What about natural phenomenon, such as a hurricane or two blasting the platform each year?a 29B form is an AF request to take leave outside the local area.
Not that the goverment couldnt reuse it...they like things complicated like that.
I don't know if I am giving the grandparent's poster too much credit, but I think he knew it and was going for irony. Think about it, a request to "take leave" outside the "local area"...
The DoD, and much of the government is still very wasteful. This is often because of the idea of zero-balance budgeting. Having had the joy of being around the US Air-Force for much of my early life, I got to talk to a number of people who worked on squadron budgets. Basically, the goal of a squadron's budgeting is to spend as much of the budget as possible, or more (yes, this was possible, but the details are long and boring). The reason for this was that the budget you get next year depends on the amount of your budget you spend this year. If you spend 100% or 120%, you get a bigger budget next year. If you only spend 80%, your budget gets cut next year. So, what do you think most smart people did? They spent as much as possible, and often very friviously. Heck, one guy I talked to got yelled at by the squadron commander because he had worked up a budget that had them saving a bunch of money and about 25% under budget. He was forced to re-pad the budget, just to avoid being cut.
The DoD may be better than some in the government, but they still have a long way to go before they become a bastion of thriftyness. Let private companies do the space elevator, at least they will have an incentive to save money.
Necessity is the mother of invention.
Laziness is the father.
Basically, if you can think of a problem, they've solved it. It will cost about 10 billion dollars to build, and the materials will be available quite soon. Some examples of problems you might think of:
Weather: The anchor on the top is so heavy and is moving so fast that it won't be even shaken. Plus its strong enough to withstand the fastest winds.
Ionization in the atmosphere: Easy, coat it with gold at higher altitudes.
What if a plane hits it? It would survive--its strong enough that it would cut the plane in half instead of having the plane go through it.
I have to question the legitamacy of the company altogether. The write-ups are of an amateur nature. Verbage and use of the language is poor in many areas and I would question that any company looking to fund that large of a project would present it's foundation of material in this way to the public. Examples are in the FAQs answering questions such as if a ribbon breaks; "Honestly, it will make a little bit of a mess". and other things they say in describing the strenght of the ribbon; "3-5 times as strong as needed", what about correct english as in 3 to 5 times stronger than needed. Some of it seems written at a 5th or 6th grade english level. Certainly not collegiate level as you would expect. And the frank public statements regarding liability would shun and serious potential investor in the group. Of course you can always send in your paypal donation. I see they did take the time and effort to get the 'take your money' part of the website right. Careful here, you might have been scammed.

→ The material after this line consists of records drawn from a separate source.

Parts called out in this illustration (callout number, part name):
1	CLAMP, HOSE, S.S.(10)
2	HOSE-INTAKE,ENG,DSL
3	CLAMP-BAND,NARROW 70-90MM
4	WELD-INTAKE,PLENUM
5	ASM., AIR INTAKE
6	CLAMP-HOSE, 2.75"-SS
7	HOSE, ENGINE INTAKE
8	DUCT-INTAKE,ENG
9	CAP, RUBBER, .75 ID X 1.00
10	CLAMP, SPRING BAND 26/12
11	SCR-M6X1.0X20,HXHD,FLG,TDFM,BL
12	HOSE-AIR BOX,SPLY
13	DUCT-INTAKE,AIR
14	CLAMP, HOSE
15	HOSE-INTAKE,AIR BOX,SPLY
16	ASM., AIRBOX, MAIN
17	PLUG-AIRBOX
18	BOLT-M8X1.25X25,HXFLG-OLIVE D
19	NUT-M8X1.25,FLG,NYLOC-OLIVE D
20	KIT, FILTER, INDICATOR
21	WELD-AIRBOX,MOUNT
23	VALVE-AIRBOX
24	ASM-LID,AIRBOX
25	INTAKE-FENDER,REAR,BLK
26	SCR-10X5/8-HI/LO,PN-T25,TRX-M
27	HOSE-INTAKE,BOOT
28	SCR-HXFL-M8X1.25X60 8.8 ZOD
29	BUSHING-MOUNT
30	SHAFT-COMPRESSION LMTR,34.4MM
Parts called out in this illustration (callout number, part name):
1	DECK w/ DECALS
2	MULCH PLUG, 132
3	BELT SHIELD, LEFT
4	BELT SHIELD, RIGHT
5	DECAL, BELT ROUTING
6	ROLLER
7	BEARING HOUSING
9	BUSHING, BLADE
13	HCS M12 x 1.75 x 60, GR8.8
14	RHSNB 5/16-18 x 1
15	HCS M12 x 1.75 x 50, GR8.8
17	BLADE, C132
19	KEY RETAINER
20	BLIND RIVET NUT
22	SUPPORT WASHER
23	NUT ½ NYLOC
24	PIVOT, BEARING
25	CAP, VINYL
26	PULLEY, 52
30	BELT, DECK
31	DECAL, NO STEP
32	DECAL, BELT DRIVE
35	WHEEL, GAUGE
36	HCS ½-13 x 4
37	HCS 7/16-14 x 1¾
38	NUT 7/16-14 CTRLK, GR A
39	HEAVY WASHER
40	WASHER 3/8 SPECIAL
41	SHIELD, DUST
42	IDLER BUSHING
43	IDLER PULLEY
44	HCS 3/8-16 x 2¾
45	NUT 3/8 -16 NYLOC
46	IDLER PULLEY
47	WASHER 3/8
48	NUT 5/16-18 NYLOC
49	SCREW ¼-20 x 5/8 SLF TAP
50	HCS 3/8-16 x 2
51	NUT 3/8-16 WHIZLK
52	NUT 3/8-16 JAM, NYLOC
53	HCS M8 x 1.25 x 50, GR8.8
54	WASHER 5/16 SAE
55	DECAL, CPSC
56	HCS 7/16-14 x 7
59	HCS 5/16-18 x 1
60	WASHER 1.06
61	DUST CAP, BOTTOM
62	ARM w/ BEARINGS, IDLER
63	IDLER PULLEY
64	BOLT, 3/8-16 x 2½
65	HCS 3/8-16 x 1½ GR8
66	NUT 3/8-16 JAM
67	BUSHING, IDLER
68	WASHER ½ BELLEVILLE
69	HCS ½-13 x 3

Good point -- you build it on the equator for starters: hurricanes don't cross the equator. Second, you pick the place with the most boring, unchanging, weather on Earth. Given platform technology can already hack conditions in the North Sea and Gulf of Mexico, you should be okay for the rest of time. Part of the reason for using a sea platform is so that you can move one end of the elevator cable around (although ribbon would be a better description) so as to dodge orbiting satellites, etc, so there's some flexibility built in.
"Just once, I'd like to meet an alien menace that wasn't immune to bullets." -- The Brigadier, Dr. Who
Or, y'know, a small island. Assuming they can find a small island in the middle of the ocean.
If it's so goddamn far from everything else, it's not going to make for a very efficient means of getting stuff from "civilization" to space, now is it?
Wait a minute. You think shipping goods an extra few hundred kilometers via container ship is somehow economically prohibitive? It's obscenely inexpensive and easy to ship goods by sea. It's the getting it to space part that's tricky.
They're entirely serious when they say, "Oh, we won't have to worry about the part that doesn't fly off into orbit, because we'll put it in the middle of the ocean." Right. That doesn't create its own problems, no, not at all.
Of course it creates its own problems. Namely, that we'd need to restrict air and sea traffic in a certain area, we'd need to find a suitable island for the project, and we'd need to create a special shipping lane for spacebound cargo. You seem to view these problems as showstoppers; I don't really see anything prohibitively challenging about the examples you cite.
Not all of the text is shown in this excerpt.